LISTED RECORDS START

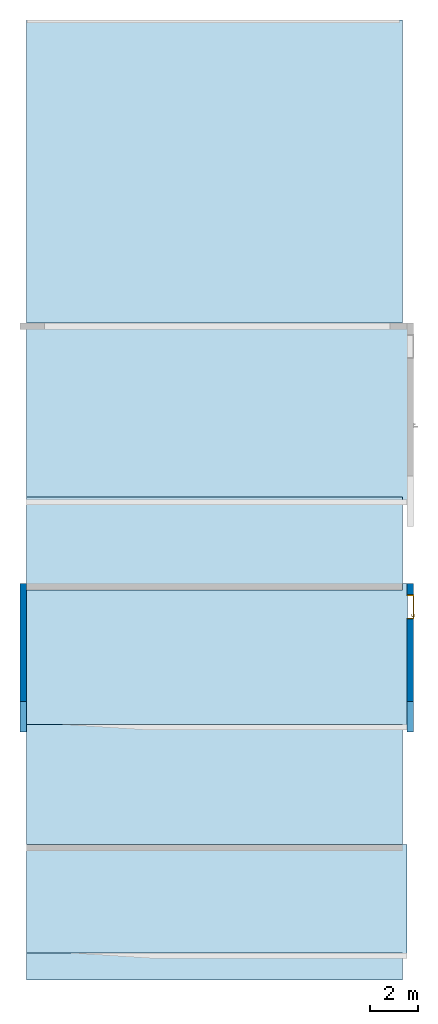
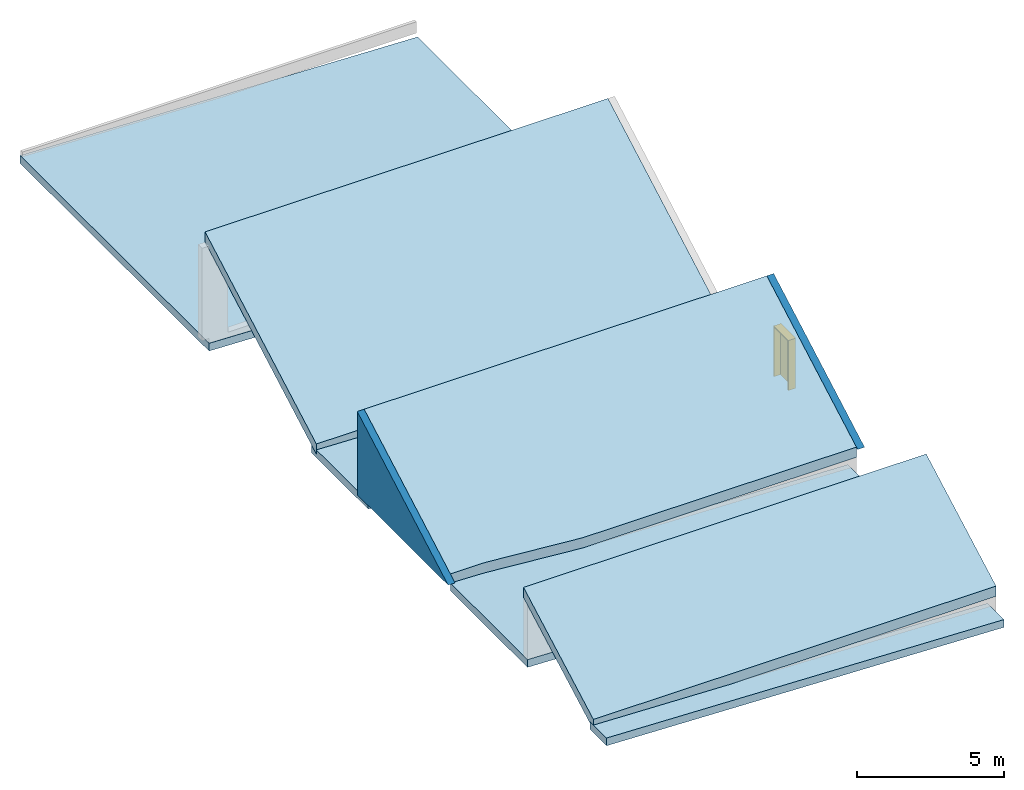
"""IFC2X3 building model written with IfcOpenShell, lengths in centimetres."""

from ifc_helpers import new_model, entity, si_unit, converted_unit, derived_unit, direction, frame, frame_2d, origin, origin_2d_with_axis, place, context, subcontext, project, spatial, polyline, rectangle, outline, extrude, clip, halfspace, faceted_brep, source, transform, mapped, material, material_list, layer, layer_set, layer_usage, type_object, type_shapes, element, fill, aggregate, save


model = new_model("IFC2X3")

# Units and contexts
model_context = context("Model", 3, precision=0.001, world=origin(), true_north=direction((6.12303176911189e-17, 1.0)))
body_context = subcontext(model_context, "Body", "Model", "MODEL_VIEW")
ifc_project = project(units=[si_unit("LENGTHUNIT", "METRE", prefix="CENTI"), si_unit("AREAUNIT", "SQUARE_METRE"), si_unit("VOLUMEUNIT", "CUBIC_METRE"), converted_unit("PLANEANGLEUNIT", "DEGREE", entity("IfcRatioMeasure", 0.0174532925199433), si_unit("PLANEANGLEUNIT", "RADIAN"), dimensions=[0, 0, 0, 0, 0, 0, 0]), si_unit("MASSUNIT", "GRAM", prefix="KILO"), si_unit("TIMEUNIT", "SECOND"), si_unit("FREQUENCYUNIT", "HERTZ"), si_unit("THERMODYNAMICTEMPERATUREUNIT", "DEGREE_CELSIUS"), derived_unit("THERMALTRANSMITTANCEUNIT", [(si_unit("MASSUNIT", "GRAM", prefix="KILO"), 1), (si_unit("THERMODYNAMICTEMPERATUREUNIT", "KELVIN"), -1), (si_unit("TIMEUNIT", "SECOND"), -3)]), derived_unit("VOLUMETRICFLOWRATEUNIT", [(si_unit("LENGTHUNIT", "METRE"), 3), (si_unit("TIMEUNIT", "SECOND"), -1)]), si_unit("ELECTRICCURRENTUNIT", "AMPERE"), si_unit("ELECTRICVOLTAGEUNIT", "VOLT"), si_unit("POWERUNIT", "WATT"), si_unit("FORCEUNIT", "NEWTON", prefix="KILO"), si_unit("ILLUMINANCEUNIT", "LUX"), si_unit("LUMINOUSFLUXUNIT", "LUMEN"), si_unit("LUMINOUSINTENSITYUNIT", "CANDELA"), derived_unit("USERDEFINED", [(si_unit("MASSUNIT", "GRAM", prefix="KILO"), -1), (si_unit("LENGTHUNIT", "METRE"), -2), (si_unit("TIMEUNIT", "SECOND"), 3), (si_unit("LUMINOUSFLUXUNIT", "LUMEN"), 1)]), derived_unit("LINEARVELOCITYUNIT", [(si_unit("LENGTHUNIT", "METRE"), 1), (si_unit("TIMEUNIT", "SECOND"), -1)]), si_unit("PRESSUREUNIT", "PASCAL"), derived_unit("USERDEFINED", [(si_unit("LENGTHUNIT", "METRE"), -2), (si_unit("MASSUNIT", "GRAM", prefix="KILO"), 1), (si_unit("TIMEUNIT", "SECOND"), -2)])], contexts=[model_context])

# Site, building, storey
site_placement = place(None, frame((8.62739174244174, -249.285249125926, 0.0)))
site = spatial("IfcSite", under=ifc_project, at=site_placement, Name="Default", CompositionType="ELEMENT")
building_placement = place(site_placement, origin())
building = spatial("IfcBuilding", under=site, at=building_placement, CompositionType="ELEMENT")
storey_1_placement = place(building_placement, frame((0.0, 0.0, 855.0)))
storey_1 = spatial("IfcBuildingStorey", under=building, at=storey_1_placement, Name="Acrotère EXT2", CompositionType="ELEMENT", Elevation=855.0)

# Roof, slab
roof_1_placement = place(storey_1_placement, frame((1476.90000000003, 4619.51447909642, -37.622015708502)))
roof_1 = element("IfcRoof", 1, at=roof_1_placement, inside=storey_1, Name="Toit de base:MET 5 + ISO 26 + BAC 5", ObjectType="Toit de base:MET 5 + ISO 26 + BAC 5", ShapeType="NOTDEFINED")
ifc_material_1 = material(Name="Tôle/Doublage(PROJET)BLEU")
ifc_layer_1 = layer(ifc_material_1, 5.0)
ifc_material_2 = material(Name="Laine minérale")
ifc_layer_2 = layer(ifc_material_2, 32.0)
ifc_layer_set_1 = layer_set([ifc_layer_1, ifc_layer_2], Name="Toit de base:MET 5 + ISO 26 + BAC 5")
slab_1_placement = place(roof_1_placement, origin())
slab_1 = element("IfcSlab", 2, at=slab_1_placement, material=ifc_layer_set_1, Name="Toit de base:MET 5 + ISO 26 + BAC 5", ObjectType="Toit de base:MET 5 + ISO 26 + BAC 5", PredefinedType="ROOF", context=body_context, shape_type="SweptSolid", body=[
    extrude(outline(polyline([(789.002413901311, 348.342518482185), (-789.002413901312, 348.342518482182), (-789.002413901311, -321.986042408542), (-789.002413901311, -322.029808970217), (-652.335573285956, -322.029808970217), (-284.369080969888, -348.342518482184), (788.002413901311, -348.342518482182), (789.002413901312, -348.342518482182), (789.002413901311, 348.342518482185)])), frame((789.002413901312, 303.98137834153, 170.111233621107), z_axis=(0.0, -0.488344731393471, 0.872650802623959), x_axis=(1.0, 0.0, 0.0)), (0.0, 0.488344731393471, 0.872650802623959), 42.3995484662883),
])
aggregate(roof_1, [slab_1])

roof_2_placement = place(storey_1_placement, frame((1476.90000000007, 3672.48020806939, -38.6754055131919)))
roof_2 = element("IfcRoof", 3, at=roof_2_placement, inside=storey_1, Name="Toit de base:MET 5 + ISO 26 + BAC 5", ObjectType="Toit de base:MET 5 + ISO 26 + BAC 5", ShapeType="NOTDEFINED")
slab_2_placement = place(roof_2_placement, origin())
slab_2 = element("IfcSlab", 4, at=slab_2_placement, material=ifc_layer_set_1, Name="Toit de base:MET 5 + ISO 26 + BAC 5", ObjectType="Toit de base:MET 5 + ISO 26 + BAC 5", PredefinedType="ROOF", context=body_context, shape_type="SweptSolid", body=[
    extrude(rectangle(XDim=1577.00482779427, YDim=540.377898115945, at=frame_2d((-2.27373675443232e-13, 9.9475983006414e-13), x_axis=(1.0, 0.0))), frame((788.502413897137, 236.997551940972, 129.746786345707), z_axis=(0.0, -0.480207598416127, 0.87715486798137), x_axis=(1.0, 0.0, 0.0)), (0.0, 0.480207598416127, 0.87715486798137), 42.1818328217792),
])
aggregate(roof_2, [slab_2])

roof_3_placement = place(storey_1_placement, frame((1476.90482779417, 6279.47742132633, -106.391143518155)))
roof_3 = element("IfcRoof", 5, at=roof_3_placement, inside=storey_1, Name="Toit de base:ET 2 +ISO 25 + BAC 5", ObjectType="Toit de base:ET 2 +ISO 25 + BAC 5", ShapeType="NOTDEFINED")
ifc_material_3 = material(Name="Toiture, membrane EPDM")
ifc_layer_3 = layer(ifc_material_3, 2.0)
ifc_layer_4 = layer(ifc_material_2, 25.0)
ifc_material_4 = material(Name="Acier")
ifc_layer_5 = layer(ifc_material_4, 5.0)
ifc_layer_set_2 = layer_set([ifc_layer_3, ifc_layer_4, ifc_layer_5], Name="Toit de base:ET 2 +ISO 25 + BAC 5")
slab_3_placement = place(roof_3_placement, origin())
slab_3 = element("IfcSlab", 6, at=slab_3_placement, material=ifc_layer_set_2, Name="Toit de base:ET 2 +ISO 25 + BAC 5", ObjectType="Toit de base:ET 2 +ISO 25 + BAC 5", PredefinedType="ROOF", context=body_context, shape_type="SweptSolid", body=[
    extrude(rectangle(XDim=1282.49913008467, YDim=1557.94906047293, at=frame_2d((3.12638803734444e-12, 4.54747350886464e-13), x_axis=(0.0, 1.0))), frame((778.499999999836, 641.249565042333, 27.1858190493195), z_axis=(0.0348994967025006, 0.0, 0.999390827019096), x_axis=(0.999390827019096, 0.0, -0.0348994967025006)), (-0.0348994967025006, 0.0, 0.999390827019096), 32.0195054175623),
])
aggregate(roof_3, [slab_3])

roof_4_placement = place(storey_1_placement, frame((1476.90482779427, 5200.47723577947, -106.391143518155)))
roof_4 = element("IfcRoof", 7, at=roof_4_placement, inside=storey_1, Name="Toit de base:ET 2 +ISO 25 + BAC 5", ObjectType="Toit de base:ET 2 +ISO 25 + BAC 5", ShapeType="NOTDEFINED")
slab_4_placement = place(roof_4_placement, origin())
slab_4 = element("IfcSlab", 8, at=slab_4_placement, material=ifc_layer_set_2, Name="Toit de base:ET 2 +ISO 25 + BAC 5", ObjectType="Toit de base:ET 2 +ISO 25 + BAC 5", PredefinedType="ROOF", context=body_context, shape_type="SweptSolid", body=[
    extrude(rectangle(XDim=384.997625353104, YDim=1557.949060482, at=frame_2d((5.6843418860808e-14, 0.0), x_axis=(0.0, 1.0))), frame((778.500000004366, 192.498812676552, 27.1858190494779), z_axis=(0.0348994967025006, 0.0, 0.999390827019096), x_axis=(0.999390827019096, 0.0, -0.0348994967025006)), (-0.0348994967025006, 0.0, 0.999390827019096), 32.0195054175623),
])
aggregate(roof_4, [slab_4])

roof_5_placement = place(storey_1_placement, frame((1476.90482779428, 4119.47531195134, -106.391143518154)))
roof_5 = element("IfcRoof", 9, at=roof_5_placement, inside=storey_1, Name="Toit de base:ET 2 +ISO 25 + BAC 5", ObjectType="Toit de base:ET 2 +ISO 25 + BAC 5", ShapeType="NOTDEFINED")
slab_5_placement = place(roof_5_placement, origin())
slab_5 = element("IfcSlab", 10, at=slab_5_placement, material=ifc_layer_set_2, Name="Toit de base:ET 2 +ISO 25 + BAC 5", ObjectType="Toit de base:ET 2 +ISO 25 + BAC 5", PredefinedType="ROOF", context=body_context, shape_type="SweptSolid", body=[
    extrude(rectangle(XDim=523.000974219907, YDim=1557.94906048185, at=frame_2d((-2.27373675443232e-13, 0.0), x_axis=(0.0, 1.0))), frame((778.500000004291, 261.500487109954, 27.1858190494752), z_axis=(0.0348994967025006, 0.0, 0.999390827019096), x_axis=(0.999390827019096, 0.0, -0.0348994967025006)), (-0.0348994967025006, 0.0, 0.999390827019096), 32.0195054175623),
])
aggregate(roof_5, [slab_5])

roof_6_placement = place(storey_1_placement, frame((1476.90000000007, 3583.97515921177, -106.391143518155)))
roof_6 = element("IfcRoof", 11, at=roof_6_placement, inside=storey_1, Name="Toit de base:ET 2 +ISO 25 + BAC 5", ObjectType="Toit de base:ET 2 +ISO 25 + BAC 5", ShapeType="NOTDEFINED")
slab_6_placement = place(roof_6_placement, origin())
slab_6 = element("IfcSlab", 12, at=slab_6_placement, material=ifc_layer_set_2, Name="Toit de base:ET 2 +ISO 25 + BAC 5", ObjectType="Toit de base:ET 2 +ISO 25 + BAC 5", PredefinedType="ROOF", context=body_context, shape_type="SweptSolid", body=[
    extrude(rectangle(XDim=1557.94906048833, YDim=111.505048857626, at=origin_2d_with_axis()), frame((778.504827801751, 55.7525244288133, 27.1858190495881), z_axis=(0.0348994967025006, 0.0, 0.999390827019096), x_axis=(0.999390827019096, 0.0, -0.0348994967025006)), (-0.0348994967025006, 0.0, 0.999390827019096), 32.0195054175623),
])
aggregate(roof_6, [slab_6])

roof_7_placement = place(storey_1_placement, frame((1476.90000000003, 5551.65947909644, -38.0196604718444)))
roof_7 = element("IfcRoof", 13, at=roof_7_placement, inside=storey_1, Name="Toit de base:MET 5 + ISO 26 + BAC 5", ObjectType="Toit de base:MET 5 + ISO 26 + BAC 5", ShapeType="NOTDEFINED")
slab_7_placement = place(roof_7_placement, origin())
slab_7 = element("IfcSlab", 14, at=slab_7_placement, material=ifc_layer_set_1, Name="Toit de base:MET 5 + ISO 26 + BAC 5", ObjectType="Toit de base:MET 5 + ISO 26 + BAC 5", PredefinedType="ROOF", context=body_context, shape_type="SweptSolid", body=[
    extrude(rectangle(XDim=1578.00482780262, YDim=864.121773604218, at=frame_2d((2.27373675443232e-13, 2.8421709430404e-14), x_axis=(1.0, 0.0))), frame((789.002413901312, 377.408971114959, 210.330878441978), z_axis=(0.0, -0.486808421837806, 0.873508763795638), x_axis=(1.0, 0.0, 0.0)), (0.0, 0.486808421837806, 0.873508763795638), 42.3579035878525),
])
aggregate(roof_7, [slab_7])

# Wall
ifc_material_5 = material(Name="Tôle/Doublage(PROJET)")
ifc_layer_6 = layer(ifc_material_5, 4.0)
ifc_layer_7 = layer(ifc_material_2, 22.0)
ifc_material_6 = material(Name="Plateau-acier-perforé")
ifc_layer_8 = layer(ifc_material_6, 1.0)
ifc_layer_set_3 = layer_set([ifc_layer_6, ifc_layer_7, ifc_layer_8], Name="Mur de base:MET PROJET 4 + ISO 23 + MET 2 bis")
ifc_layer_usage_1 = layer_usage(ifc_layer_set_3, "AXIS2", "NEGATIVE", 13.5)
wall_type_1 = type_object("IfcWallType", Name="Mur de base:MET PROJET 4 + ISO 23 + MET 2 bis", PredefinedType="STANDARD", material=ifc_layer_set_3)
wall_1_placement = place(storey_1_placement, frame((1463.4048277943, 4610.97723577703, 0.0), z_axis=(0.0, 0.0, 1.0), x_axis=(0.0, 1.0, 0.0)))
element("IfcWallStandardCase", 15, at=wall_1_placement, inside=storey_1, type_object=wall_type_1, material=ifc_layer_usage_1, Name="Mur de base:MET PROJET 4 + ISO 23 + MET 2 bis", ObjectType="Mur de base:MET PROJET 4 + ISO 23 + MET 2 bis", context=body_context, shape_type="Clipping", body=[
    clip(extrude(rectangle(XDim=616.500000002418, YDim=26.9999999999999, at=frame_2d((308.250000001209, -3.81916720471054e-14), x_axis=(-1.0, 0.0))), origin(), (0.0, 0.0, 1.0), 344.999999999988), halfspace(frame((0.0, -13.5, 0.0), z_axis=(-0.488344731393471, 0.0, 0.872650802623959), x_axis=(0.0, 1.0, 0.0)), False)),
])

# Wall, opening
ifc_layer_9 = layer(ifc_material_5, 4.0)
ifc_layer_10 = layer(ifc_material_2, 22.0)
ifc_layer_11 = layer(ifc_material_5, 1.0)
ifc_layer_set_4 = layer_set([ifc_layer_9, ifc_layer_10, ifc_layer_11], Name="Mur de base:MET PROJET 4 + ISO 23 + MET 1")
ifc_layer_usage_2 = layer_usage(ifc_layer_set_4, "AXIS2", "NEGATIVE", 13.5)
wall_type_2 = type_object("IfcWallType", Name="Mur de base:MET PROJET 4 + ISO 23 + MET 1", PredefinedType="NOTDEFINED")
wall_2_placement = place(storey_1_placement, frame((3067.40482780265, 4610.97723577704, 0.0), z_axis=(0.0, 0.0, 1.0), x_axis=(0.0, 1.0, 0.0)))
wall_2 = element("IfcWallStandardCase", 16, at=wall_2_placement, inside=storey_1, type_object=wall_type_2, material=ifc_layer_usage_2, Name="Mur de base:MET PROJET 4 + ISO 23 + MET 1", ObjectType="Mur de base:MET PROJET 4 + ISO 23 + MET 1", context=body_context, shape_type="Clipping", body=[
    clip(extrude(rectangle(XDim=26.9999999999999, YDim=717.582659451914, at=frame_2d((257.708670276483, -2.28261853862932e-13), x_axis=(0.0, -1.0))), origin(), (0.0, 0.0, 1.0), 345.0), halfspace(frame((0.0, -13.4999999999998, 0.0), z_axis=(-0.48834473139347, 0.0, 0.872650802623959), x_axis=(0.0, 1.0, 0.0)), False)),
])
opening_placement = place(wall_2_placement, frame((569.501673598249, 13.5, -41.0)))
opening = element("IfcOpeningElement", 17, at=opening_placement, cuts=wall_2, Name="Simple(R)_bois_mu:93 x 204 cm:1", ObjectType="Opening", context=body_context, shape_type="SweptSolid", body=[
    extrude(rectangle(XDim=207.499999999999, YDim=99.9999999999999, at=frame_2d((103.75, 50.0), x_axis=(1.0, 0.0))), frame((0.0, 0.0, 0.0), z_axis=(0.0, -1.0, 0.0), x_axis=(0.0, 0.0, 1.0)), (0.0, 0.0, 1.0), 27.0),
])

# Storey
storey_2_placement = place(building_placement, frame((0.0, 0.0, 814.0)))
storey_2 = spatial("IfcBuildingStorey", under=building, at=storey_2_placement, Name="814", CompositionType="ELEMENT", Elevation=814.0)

LISTED RECORDS END

[TASK DESCRIPTION] All lines that hold the word "Doublage" should be copied from the data.

[RESPONSE BOX]
ifc_material_1 = material(Name="Tôle/Doublage(PROJET)BLEU")
ifc_material_5 = material(Name="Tôle/Doublage(PROJET)")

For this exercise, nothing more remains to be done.